Que mangent les Canadiens ? Plusieurs indices permettent de savoir ce qu’ils mettent dans leur assiette. L’un d’eux, mesuré par Statistique Canada, évalue la « disponibilité » des aliments pour chaque Canadien. Coup d’œil sur les plus récentes données.

Disponible, mais pas nécessairement consommé

Qu’est-ce qu’on mange, exactement ? Combien de kilos de pommes, de litres de lait, d’œufs sont consommés par chaque Canadien pendant une année ? « C’est très difficile de mesurer la consommation réelle », explique Rémy Lambert, professeur au département d’économie agroalimentaire de l’Université Laval.

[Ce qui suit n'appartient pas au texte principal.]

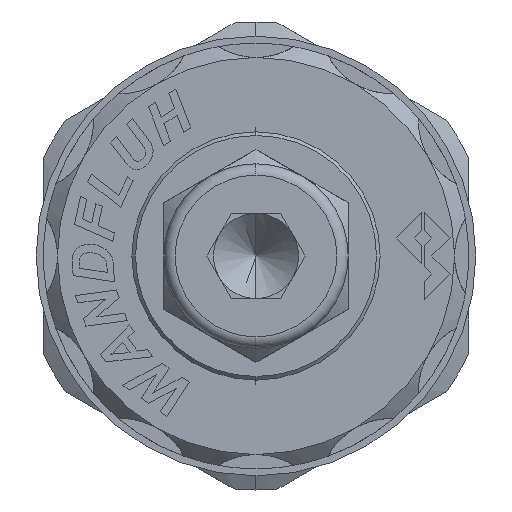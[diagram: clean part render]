
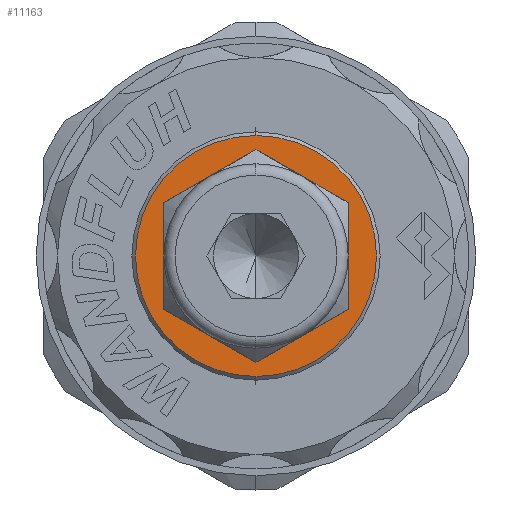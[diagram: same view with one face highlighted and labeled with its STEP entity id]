
A CAD part, left-side view. The second image highlights one B-rep face of the part: STEP entity #11163.
In plain terms, the highlighted planar face has unit normal (-1, 0, 0).
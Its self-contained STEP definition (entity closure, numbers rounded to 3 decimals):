
#931 = EDGE_LOOP ( 'NONE', ( #13266, #13212 ) ) ;
#1040 = EDGE_LOOP ( 'NONE', ( #13230, #13159, #13184, #13257, #13083, #13317 ) ) ;
#1139 = VECTOR ( 'NONE', #6106, 1000. ) ;
#1277 = VECTOR ( 'NONE', #6001, 1000. ) ;
#1319 = LINE ( 'NONE', #5951, #1537 ) ;
#1349 = LINE ( 'NONE', #6105, #1794 ) ;
#1360 = VECTOR ( 'NONE', #5981, 1000. ) ;
#1363 = LINE ( 'NONE', #5992, #1277 ) ;
#1537 = VECTOR ( 'NONE', #5947, 1000. ) ;
#1783 = CIRCLE ( 'NONE', #4291, 8.5 ) ;
#1786 = LINE ( 'NONE', #6101, #1139 ) ;
#1794 = VECTOR ( 'NONE', #6100, 1000. ) ;
#1824 = VECTOR ( 'NONE', #6099, 1000. ) ;
#1850 = LINE ( 'NONE', #6098, #1824 ) ;
#1851 = CIRCLE ( 'NONE', #4277, 8.5 ) ;
#1911 = LINE ( 'NONE', #5974, #1360 ) ;
#3901 = EDGE_CURVE ( 'NONE', #5616, #5544, #1319, .T. ) ;
#3912 = EDGE_CURVE ( 'NONE', #5416, #15836, #1911, .T. ) ;
#3920 = EDGE_CURVE ( 'NONE', #5601, #5571, #1363, .T. ) ;
#3937 = EDGE_CURVE ( 'NONE', #5404, #5575, #1851, .T. ) ;
#3956 = EDGE_CURVE ( 'NONE', #5544, #5601, #1850, .T. ) ;
#3959 = EDGE_CURVE ( 'NONE', #15836, #5616, #1786, .T. ) ;
#3961 = EDGE_CURVE ( 'NONE', #5575, #5404, #1783, .T. ) ;
#3962 = EDGE_CURVE ( 'NONE', #5571, #5416, #1349, .T. ) ;
#4277 = AXIS2_PLACEMENT_3D ( 'NONE', #6048, #6049, #6050 ) ;
#4291 = AXIS2_PLACEMENT_3D ( 'NONE', #6109, #6110, #6111 ) ;
#5404 = VERTEX_POINT ( 'NONE', #6169 ) ;
#5416 = VERTEX_POINT ( 'NONE', #6170 ) ;
#5544 = VERTEX_POINT ( 'NONE', #6182 ) ;
#5571 = VERTEX_POINT ( 'NONE', #6188 ) ;
#5575 = VERTEX_POINT ( 'NONE', #6193 ) ;
#5601 = VERTEX_POINT ( 'NONE', #6189 ) ;
#5616 = VERTEX_POINT ( 'NONE', #6196 ) ;
#5947 = DIRECTION ( 'NONE',  ( 0., 0.866, -0.5 ) ) ;
#5951 = CARTESIAN_POINT ( 'NONE',  ( -79.7, 0., 7.506 ) ) ;
#5974 = CARTESIAN_POINT ( 'NONE',  ( -79.7, -6.5, -3.753 ) ) ;
#5981 = DIRECTION ( 'NONE',  ( 0., 0., 1. ) ) ;
#5992 = CARTESIAN_POINT ( 'NONE',  ( -79.7, 6.5, -3.753 ) ) ;
#6001 = DIRECTION ( 'NONE',  ( 0., -0.866, -0.5 ) ) ;
#6048 = CARTESIAN_POINT ( 'NONE',  ( -79.7, 0., 0. ) ) ;
#6049 = DIRECTION ( 'NONE',  ( -1., 0., 0. ) ) ;
#6050 = DIRECTION ( 'NONE',  ( 0., 0., 1. ) ) ;
#6098 = CARTESIAN_POINT ( 'NONE',  ( -79.7, 6.5, 3.753 ) ) ;
#6099 = DIRECTION ( 'NONE',  ( 0., 0., -1. ) ) ;
#6100 = DIRECTION ( 'NONE',  ( 0., -0.866, 0.5 ) ) ;
#6101 = CARTESIAN_POINT ( 'NONE',  ( -79.7, -6.5, 3.753 ) ) ;
#6105 = CARTESIAN_POINT ( 'NONE',  ( -79.7, 0., -7.506 ) ) ;
#6106 = DIRECTION ( 'NONE',  ( 0., 0.866, 0.5 ) ) ;
#6109 = CARTESIAN_POINT ( 'NONE',  ( -79.7, 0., 0. ) ) ;
#6110 = DIRECTION ( 'NONE',  ( -1., 0., 0. ) ) ;
#6111 = DIRECTION ( 'NONE',  ( 0., 0., 1. ) ) ;
#6169 = CARTESIAN_POINT ( 'NONE',  ( -79.7, 0., 8.5 ) ) ;
#6170 = CARTESIAN_POINT ( 'NONE',  ( -79.7, -6.5, -3.753 ) ) ;
#6182 = CARTESIAN_POINT ( 'NONE',  ( -79.7, 6.5, 3.753 ) ) ;
#6188 = CARTESIAN_POINT ( 'NONE',  ( -79.7, 0., -7.506 ) ) ;
#6189 = CARTESIAN_POINT ( 'NONE',  ( -79.7, 6.5, -3.753 ) ) ;
#6193 = CARTESIAN_POINT ( 'NONE',  ( -79.7, 0., -8.5 ) ) ;
#6196 = CARTESIAN_POINT ( 'NONE',  ( -79.7, 0., 7.506 ) ) ;
#9762 = PLANE ( 'NONE',  #16027 ) ;
#9769 = CARTESIAN_POINT ( 'NONE',  ( -79.7, 0., 0. ) ) ;
#9770 = DIRECTION ( 'NONE',  ( -1., 0., 0. ) ) ;
#9771 = DIRECTION ( 'NONE',  ( 0., 0., 1. ) ) ;
#10907 = CARTESIAN_POINT ( 'NONE',  ( -79.7, -6.5, 3.753 ) ) ;
#11163 = ADVANCED_FACE ( 'NONE', ( #12792, #13069 ), #9762, .T. ) ;
#12792 = FACE_BOUND ( 'NONE', #1040, .T. ) ;
#13069 = FACE_OUTER_BOUND ( 'NONE', #931, .T. ) ;
#13083 = ORIENTED_EDGE ( 'NONE', *, *, #3920, .F. ) ;
#13159 = ORIENTED_EDGE ( 'NONE', *, *, #3959, .F. ) ;
#13184 = ORIENTED_EDGE ( 'NONE', *, *, #3912, .F. ) ;
#13212 = ORIENTED_EDGE ( 'NONE', *, *, #3937, .T. ) ;
#13230 = ORIENTED_EDGE ( 'NONE', *, *, #3901, .F. ) ;
#13257 = ORIENTED_EDGE ( 'NONE', *, *, #3962, .F. ) ;
#13266 = ORIENTED_EDGE ( 'NONE', *, *, #3961, .T. ) ;
#13317 = ORIENTED_EDGE ( 'NONE', *, *, #3956, .F. ) ;
#15836 = VERTEX_POINT ( 'NONE', #10907 ) ;
#16027 = AXIS2_PLACEMENT_3D ( 'NONE', #9769, #9770, #9771 ) ;

Pour s’en approcher, Statistique Canada mesure la « disponibilité des aliments » en utilisant les données factuelles dont elle dispose. « Pour chaque aliment, on additionne ce qu’on produit et ce qu’on importe, on soustrait ce qu’on exporte, on compare les inventaires au début et à la fin de l’année, et on divise par le nombre de Canadiens », dit-il.

Le résultat indique la « disponibilité » d’un aliment, ce que Statistique Canada appelle aussi la « consommation apparente ». Cet aliment « disponible » n’est pas nécessairement acheté par le consommateur : il peut l’être par un transformateur qui en fera un nouveau produit. Il ne tient pas compte non plus des particularités du territoire, souligne Sébastien Rioux, de la Chaire de recherche du Canada en économie politique de l’alimentation et du bien-être. « L’offre alimentaire varie selon où on habite, par exemple, si on vit près des zones agricoles maraîchères. »

Plus les gens en mangent, plus un aliment est disponible… ou pas ?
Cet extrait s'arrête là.